Our lab suite has a series of HEPA filters that filter the air before it’s released to the environment. We have a reservoir that captures water from the showers and sinks and everything is chlorinated before release. Waste waters are also subjected to UV irradiation as they travel through the pipes to the reservoir, but our organism is resistant to UV. All of our other wastes get autoclaved and then sent to a biomedical waste facility where they’re incinerated. Once a year, or when needed to remove a piece of equipment or to decontaminate after a spill, the lab undergoes sterilization with vaporized hydrogen peroxide. At this time, the HEPA filters are replaced, biosafety cabinets are recertified, and an inventory of all of the equipment is done. Walls are also repainted at this time. The decontamination process takes three days and replacing all of the filters and doing everything else takes about three weeks. Our most recent decontamination was done to remove a -80 freezer that broke down. The really horrible thing about that is that it occurred just a couple of weeks after we’d been able to reopen the labs after the annual decontamination.

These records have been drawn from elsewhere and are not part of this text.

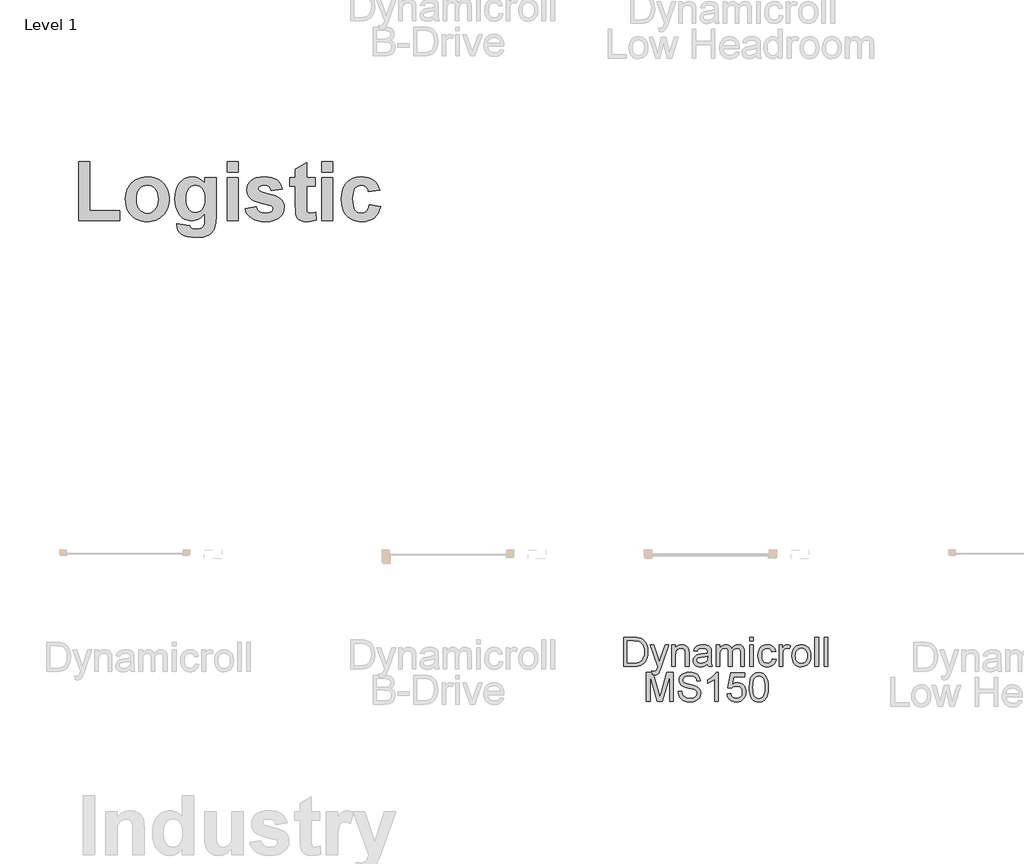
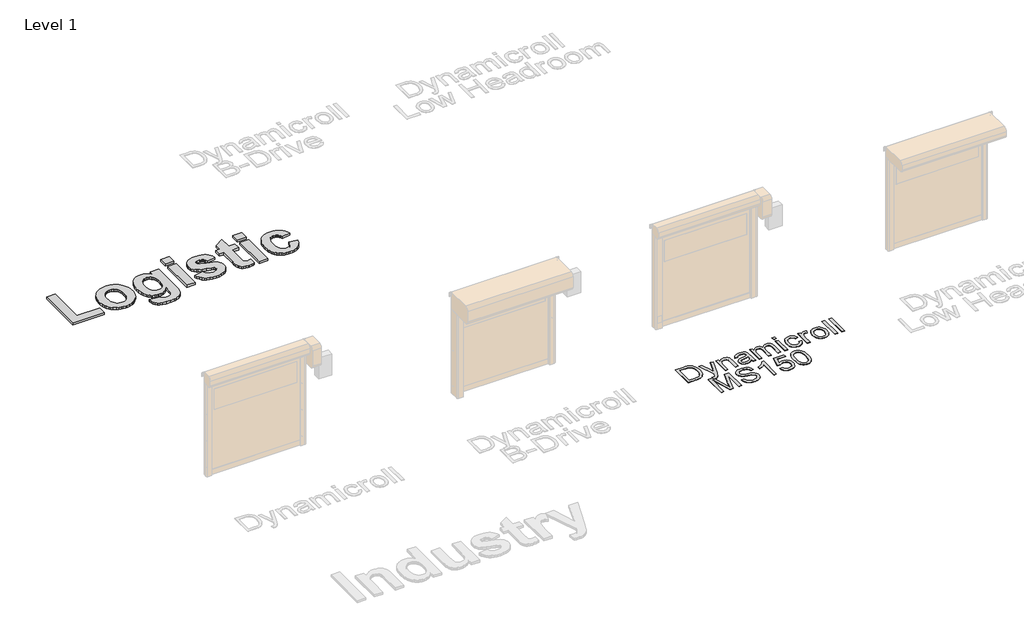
# One storey, part 7 of 17: 2 proxies.
"""IFC4 building model written with IfcOpenShell, lengths in millimetres."""

import ifcopenshell
import ifcopenshell.guid

model = None  # the IFC model being written
_history = None  # IfcOwnerHistory: only IFC2X3 demands one
_inside = {}  # id of a spatial element -> (the spatial element, [elements in it])
_under = {}  # id of a project, library or spatial element -> (it, [spatial elements below it])
_declared = {}  # id of a project -> (the project, [libraries it declares])
_typed = {}  # id of a type object -> (the type object, [elements of that type])
_made_of = {}  # id of a material, layer set ... -> (it, [elements and type objects made of it])


def new_model(schema):
    """Start an empty IFC model of exactly this schema.

    Asked for "IFC4X3", IfcOpenShell would pick the latest addendum, in which some entities
    have other attributes; the version numbers below select the first issue.
    IFC2X3 requires an IfcOwnerHistory on every rooted entity: one is made here for all.
    """
    global model, _history
    if schema == "IFC4X3":
        model = ifcopenshell.file(schema_version=(4, 3, 0, 0))
    else:
        model = ifcopenshell.file(schema=schema)
    _inside.clear()
    _under.clear()
    _declared.clear()
    _typed.clear()
    _made_of.clear()
    _history = None
    if model.schema == "IFC2X3":
        org = make("IfcOrganization", Name="unknown")
        user = make(
            "IfcPersonAndOrganization",
            ThePerson=make("IfcPerson", FamilyName="unknown"),
            TheOrganization=org,
        )
        app = make(
            "IfcApplication",
            ApplicationDeveloper=org,
            Version="unknown",
            ApplicationFullName="unknown",
            ApplicationIdentifier="unknown",
        )
        _history = make(
            "IfcOwnerHistory",
            OwningUser=user,
            OwningApplication=app,
            ChangeAction="ADDED",
            CreationDate=0,
        )
    return model


def make(cls, **values):
    """One entity of the class cls with the attributes given. An attribute that is None is left unset."""
    return model.create_entity(
        cls, **{name: value for name, value in values.items() if value is not None}
    )


def rooted(cls, **values):
    """An entity with a GlobalId (a new one), such as an element, a storey or a relation."""
    return make(cls, GlobalId=ifcopenshell.guid.new(), OwnerHistory=_history, **values)


def si_unit(unit_type, name, prefix=None):
    """IfcSIUnit, for example si_unit("LENGTHUNIT", "METRE", prefix="MILLI")."""
    return make("IfcSIUnit", UnitType=unit_type, Prefix=prefix, Name=name)


def assignment(units):
    """IfcUnitAssignment: the units of a project."""
    return None if units is None else make("IfcUnitAssignment", Units=units)


def point(xyz):
    """IfcCartesianPoint."""
    return None if xyz is None else make("IfcCartesianPoint", Coordinates=xyz)


def direction(xyz):
    """IfcDirection."""
    return None if xyz is None else make("IfcDirection", DirectionRatios=xyz)


def frame(location, z_axis=None, x_axis=None):
    """IfcAxis2Placement3D, a coordinate frame: its origin and axes. An axis left out is left unset."""
    return make(
        "IfcAxis2Placement3D",
        Location=point(location),
        Axis=direction(z_axis),
        RefDirection=direction(x_axis),
    )


def origin():
    """The frame at (0, 0, 0) with its axes left unset."""
    return frame((0.0, 0.0, 0.0))


def origin_with_axes():
    """The frame at (0, 0, 0) with the z axis (0, 0, 1) and the x axis (1, 0, 0) written out."""
    return frame((0.0, 0.0, 0.0), z_axis=(0.0, 0.0, 1.0), x_axis=(1.0, 0.0, 0.0))


def place(relative_to, where):
    """IfcLocalPlacement: puts the frame where relative to a parent placement (None: the world)."""
    return make(
        "IfcLocalPlacement", PlacementRelTo=relative_to, RelativePlacement=where
    )


def context(
    kind, dimensions, precision=None, world=None, true_north=None, identifier=None
):
    """IfcGeometricRepresentationContext, for example the 3D "Model" context."""
    return make(
        "IfcGeometricRepresentationContext",
        ContextIdentifier=identifier,
        ContextType=kind,
        CoordinateSpaceDimension=dimensions,
        Precision=precision,
        WorldCoordinateSystem=world,
        TrueNorth=true_north,
    )


def project(units=None, contexts=None):
    """IfcProject with its units and contexts."""
    return rooted(
        "IfcProject",
        Name="project",
        RepresentationContexts=contexts,
        UnitsInContext=assignment(units),
    )


def spatial(cls, under=None, at=None, **own):
    """A site, building, storey or space (cls), placed at a placement, below another one or the project."""
    s = rooted(cls, ObjectPlacement=at, **own)
    if under is not None:
        _under.setdefault(under.id(), (under, []))[1].append(s)
    return s


def polyline(points):
    """IfcPolyline through the points."""
    return make("IfcPolyline", Points=[point(p) for p in points])


def outline(outer, holes=None, kind="AREA"):
    """IfcArbitraryClosedProfileDef: a profile drawn as a closed curve; with holes, ...WithVoids."""
    if holes is None:
        return make("IfcArbitraryClosedProfileDef", ProfileType=kind, OuterCurve=outer)
    return make(
        "IfcArbitraryProfileDefWithVoids",
        ProfileType=kind,
        OuterCurve=outer,
        InnerCurves=holes,
    )


def extrude(swept, where, along, depth):
    """IfcExtrudedAreaSolid: the profile swept, set in the frame where, extruded along a direction by depth."""
    return make(
        "IfcExtrudedAreaSolid",
        SweptArea=swept,
        Position=where,
        ExtrudedDirection=direction(along),
        Depth=depth,
    )


def shape(context_of_items, identifier, shape_type, items):
    """IfcShapeRepresentation: the items that make up one representation, for example the "Body"."""
    return make(
        "IfcShapeRepresentation",
        ContextOfItems=context_of_items,
        RepresentationIdentifier=identifier,
        RepresentationType=shape_type,
        Items=items,
    )


def made_of(thing, what):
    """Note that an element or type object is made of a material, layer set ...; save() writes the relation."""
    if what is not None:
        _made_of.setdefault(what.id(), (what, []))[1].append(thing)
    return thing


def element(
    cls,
    number,
    at=None,
    inside=None,
    cuts=None,
    type_object=None,
    material=None,
    context=None,
    identifier="Body",
    shape_type=None,
    held_by="IfcProductDefinitionShape",
    body=None,
    shapes=None,
    **own,
):
    """One element of the class cls, such as IfcWall. Its Tag is "e" and its number.

    at: its placement. inside: the storey or other place that contains it. cuts: it is an
    opening in that element (IfcRelVoidsElement). A single representation is given by context,
    identifier, shape_type and body (its items); several are given by shapes. held_by: the class
    of the entity that holds the representations. save() writes the other relations.
    """
    e = rooted(cls, Tag="e%d" % number, ObjectPlacement=at, **own)
    if body is not None:
        shapes = [shape(context, identifier, shape_type, body)]
    if shapes is not None:
        e.Representation = make(held_by, Representations=shapes)
    if inside is not None:
        _inside.setdefault(inside.id(), (inside, []))[1].append(e)
    if cuts is not None:
        rooted(
            "IfcRelVoidsElement", RelatingBuildingElement=cuts, RelatedOpeningElement=e
        )
    if type_object is not None:
        _typed.setdefault(type_object.id(), (type_object, []))[1].append(e)
    return made_of(e, material)


def aggregate(whole, parts):
    """IfcRelAggregates: a whole, such as a stair, and the parts it consists of."""
    return rooted("IfcRelAggregates", RelatingObject=whole, RelatedObjects=parts)


def save(model, path):
    """Write the relations noted so far, then the file.

    IfcRelAggregates (storeys below a building ...), IfcRelContainedInSpatialStructure (elements
    in a storey), IfcRelDefinesByType, IfcRelAssociatesMaterial and IfcRelDeclares: one each for
    every whole, place, type object, material and project.
    """
    for whole, parts in _under.values():
        aggregate(whole, parts)
    for where, things in _inside.values():
        rooted(
            "IfcRelContainedInSpatialStructure",
            RelatedElements=things,
            RelatingStructure=where,
        )
    for kind, things in _typed.values():
        rooted("IfcRelDefinesByType", RelatedObjects=things, RelatingType=kind)
    for what, things in _made_of.values():
        rooted("IfcRelAssociatesMaterial", RelatedObjects=things, RelatingMaterial=what)
    for by, libraries in _declared.values():
        rooted("IfcRelDeclares", RelatingContext=by, RelatedDefinitions=libraries)
    model.write(path)


model = new_model("IFC4")

# Units and contexts
model_context = context("Model", 3, world=origin())
ifc_project = project(units=[si_unit("LENGTHUNIT", "METRE", prefix="MILLI")], contexts=[model_context])

# Site, building, storey
site = spatial("IfcSite", under=ifc_project)
building = spatial("IfcBuilding", under=site)
storey = spatial("IfcBuildingStorey", under=building, Name="Level 1", Elevation=0.0)

# Proxies
placement = place(None, origin())
element("IfcBuildingElementProxy", 1, Name="1000", ObjectType="1000", at=placement, inside=storey, context=model_context, shape_type="SweptSolid", body=[
    extrude(outline(polyline([(688.190889, 26929.161289), (688.190889, 27949.4206889), (882.5260128, 27949.4206889), (882.5260128, 27107.3018191), (1400.7530096, 27107.3018191), (1400.7530096, 26929.161289), (688.190889, 26929.161289)])), origin_with_axes(), (0.0, 0.0, 1.0), 50.0),
    extrude(outline(polyline([(1497.9205715, 27312.264645), (1500.9175203, 27360.8405185), (1509.9083664, 27408.6414553), (1524.8931101, 27455.6674555), (1545.8717512, 27501.9185191), (1572.3382087, 27545.0698363), (1603.7864015, 27582.7965971), (1640.2163297, 27615.0988018), (1681.6279933, 27641.9764501), (1726.8115421, 27663.121149), (1774.5571264, 27678.2245054), (1824.8647459, 27687.2865193), (1877.7344007, 27690.3071905), (1918.6656827, 27688.5952132), (1957.7031144, 27683.4592813), (1994.846696, 27674.8993948), (2030.0964273, 27662.9155536), (2063.4523085, 27647.5077579), (2094.9143395, 27628.6760075), (2124.4825203, 27606.4203025), (2152.156851, 27580.7406429), (2177.2137936, 27552.4435953), (2198.9298106, 27522.3357265), (2217.3049019, 27490.4170364), (2232.3390676, 27456.6875251), (2244.0323075, 27421.1471925), (2252.3846217, 27383.7960387), (2257.3960102, 27344.6340635), (2259.0664731, 27303.6612671), (2257.3782183, 27262.3701932), (2252.3134541, 27222.8859868), (2243.8721803, 27185.2086479), (2232.054397, 27149.3381765), (2216.8601041, 27115.2745726), (2198.2893018, 27083.0178362), (2176.34199, 27052.5679673), (2151.0181686, 27023.9249659), (2123.1362657, 26997.9191212), (2093.5147091, 26975.3807225), (2062.1534989, 26956.3097698), (2029.0526352, 26940.706263), (1994.2121178, 26928.5702021), (1957.6319468, 26919.9015872), (1919.3121221, 26914.7004183), (1879.2526439, 26912.9666953), (1829.1110822, 26915.8529388), (1780.155648, 26924.5116693), (1732.3863412, 26938.9428868), (1685.8031619, 26959.1465913), (1642.5648621, 26984.9330024), (1604.8301937, 27016.1123397), (1572.5991567, 27052.6846031), (1545.8717512, 27094.6497928), (1524.8931101, 27141.7469607), (1509.9083664, 27193.7151587), (1500.9175203, 27250.5543868), (1497.9205715, 27312.264645)]), holes=[polyline([(1692.2556953, 27301.6369429), (1695.6163898, 27246.2447903), (1705.6984733, 27197.732177), (1722.5019457, 27156.099103), (1746.0268071, 27121.3455683), (1774.4859587, 27093.9460239), (1806.0923019, 27074.3749207), (1840.8458366, 27062.6322588), (1878.7465628, 27058.7180382), (1916.6314741, 27062.6322588), (1951.3375637, 27074.3749207), (1982.8648317, 27093.9460239), (2011.2132781, 27121.3455683), (2034.6274342, 27156.1939932), (2051.3518315, 27198.1117378), (2061.3864698, 27247.0988021), (2064.7313493, 27303.1551861), (2061.3864698, 27357.8831073), (2051.3518315, 27405.9212696), (2034.6274342, 27447.269673), (2011.2132781, 27481.9283176), (1982.8648317, 27509.327862), (1951.3375637, 27528.8989652), (1916.6314741, 27540.6416271), (1878.7465628, 27544.5558477), (1840.8458366, 27540.6416271), (1806.0923019, 27528.8989652), (1774.4859587, 27509.327862), (1746.0268071, 27481.9283176), (1722.5019457, 27447.1747828), (1705.6984733, 27405.5417088), (1695.6163898, 27357.0290955), (1692.2556953, 27301.6369429)])]), origin_with_axes(), (0.0, 0.0, 1.0), 50.0),
    extrude(outline(polyline([(2388.6232223, 26880.577508), (2615.3475334, 26848.1883207), (2624.0141714, 26819.5947413), (2639.3863833, 26801.628864), (2654.3948495, 26793.6580874), (2673.1040334, 26787.9646756), (2721.6245542, 26783.4099461), (2755.3105742, 26784.8491141), (2784.5051249, 26789.1666181), (2809.2082062, 26796.362458), (2829.4198182, 26806.436634), (2850.5487021, 26826.6166159), (2865.8576539, 26856.2856176), (2872.3101873, 26891.2052101), (2874.4610318, 26946.8741258), (2874.4610318, 27055.4285113), (2849.912147, 27025.8346311), (2824.3431927, 27000.1866016), (2797.7541687, 26978.4844227), (2770.145075, 26960.7280946), (2741.5159118, 26946.9176171), (2711.866679, 26937.0529904), (2681.1973765, 26931.1342143), (2649.5080044, 26929.161289), (2614.5132904, 26931.1421218), (2581.3926578, 26937.0846204), (2550.1461067, 26946.9887848), (2520.7736369, 26960.8546148), (2493.2752485, 26978.6821106), (2467.6509415, 27000.4712722), (2443.9007159, 27026.2220994), (2422.0245717, 27055.9345924), (2393.2412119, 27109.1047329), (2372.6816692, 27168.4111061), (2360.3459435, 27233.8537121), (2356.234035, 27305.4325508), (2361.6190537, 27393.5301914), (2368.350327, 27433.4334962), (2377.7741098, 27470.573124), (2389.8904018, 27504.9490748), (2404.6992032, 27536.5613486), (2422.2005139, 27565.4099454), (2442.394334, 27591.4948652), (2488.1076865, 27634.7252575), (2512.939265, 27651.708626), (2539.0874449, 27665.6041092), (2566.5522264, 27676.4117073), (2595.3336093, 27684.1314202), (2625.4315937, 27688.763248), (2656.8461796, 27690.3071905), (2689.1404767, 27688.4766005), (2719.9797908, 27682.9848303), (2749.3641219, 27673.8318801), (2777.2934699, 27661.0177497), (2803.7678349, 27644.5424392), (2828.7872169, 27624.4059486), (2852.3516159, 27600.6082779), (2874.4610318, 27573.1494271), (2874.4610318, 27674.1125969), (3068.7961556, 27674.1125969), (3068.7961556, 27012.411622), (3063.5139346, 26898.5117553), (3056.9111584, 26853.873825), (3047.6672717, 26817.4438969), (3036.0432225, 26786.8655308), (3022.299959, 26759.782287), (3006.437481, 26736.1941655), (2988.4557887, 26716.1011663), (2967.8171708, 26698.7441677), (2943.9839163, 26683.3640483), (2886.7334973, 26658.5344467), (2852.8023443, 26649.4012652), (2814.6485775, 26642.8775641), (2725.6732026, 26637.6586033), (2640.3827304, 26641.5491014), (2568.471776, 26653.2205956), (2509.9403394, 26672.673086), (2485.6919402, 26685.3172048), (2464.7884206, 26699.9065726), (2431.1340306, 26733.1181416), (2407.0951807, 26770.5048793), (2392.6718707, 26812.0667857), (2387.8641007, 26857.8038607), (2388.6232223, 26880.577508)]), holes=[polyline([(2550.5691588, 27312.7707261), (2553.3763271, 27255.1723764), (2561.7978321, 27205.8611039), (2575.8336738, 27164.8369087), (2595.4838521, 27132.0997907), (2619.261754, 27107.0804087), (2645.6807664, 27089.2094215), (2674.7408893, 27078.4868293), (2706.4421227, 27074.9126318), (2740.3732757, 27078.5817195), (2771.568428, 27089.5889823), (2800.0275796, 27107.9344204), (2825.7507306, 27133.6180338), (2847.0614874, 27166.4974871), (2862.2834565, 27206.4304451), (2871.416638, 27253.4169077), (2874.4610318, 27307.456875), (2871.5431582, 27363.7979296), (2862.7895375, 27412.373803), (2848.2001697, 27453.1844953), (2827.7750548, 27486.2300065), (2802.8901006, 27511.747562), (2774.921215, 27529.9743874), (2743.8683979, 27540.9104826), (2709.7316495, 27544.5558477), (2676.5912482, 27540.9816503), (2646.5031481, 27530.259058), (2619.4673495, 27512.3880708), (2595.4838521, 27487.3686889), (2575.8336738, 27455.0111316), (2561.7978321, 27415.1256187), (2553.3763271, 27367.7121502), (2550.5691588, 27312.7707261)])]), origin_with_axes(), (0.0, 0.0, 1.0), 50.0),
    extrude(outline(polyline([(3263.1312794, 27771.2801588), (3263.1312794, 27949.4206889), (3457.4664032, 27949.4206889), (3457.4664032, 27771.2801588), (3263.1312794, 27771.2801588)])), origin_with_axes(), (0.0, 0.0, 1.0), 50.0),
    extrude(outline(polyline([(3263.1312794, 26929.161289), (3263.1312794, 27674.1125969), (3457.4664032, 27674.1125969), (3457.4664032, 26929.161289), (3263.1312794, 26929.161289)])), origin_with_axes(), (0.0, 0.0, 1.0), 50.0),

I don’t think this would do a lot of good, because it would take just seconds after infection before the organism entered your bloodstream. What we’re advised to do is to immediately milk the wound and to keep milking it at least 15 minutes. This reduces some of the risk, as you’re trying to reverse the flow of blood; instead of recirculating, the blood gets expelled. I don’t know how well this actually works and hopefully never will have cause to find out. We work on a buddy system, so that nobody is ever, under any circumstances, alone in the lab. If you’re stuck, while you’re milking the wound, your buddy is supposed to call our biosafety office and they’ll send someone to assist. Someone who shares our lab suite recently got stuck with a needle that had been used to infect a mouse with TB. She had to get a TB test and will be getting one each month for the next few months.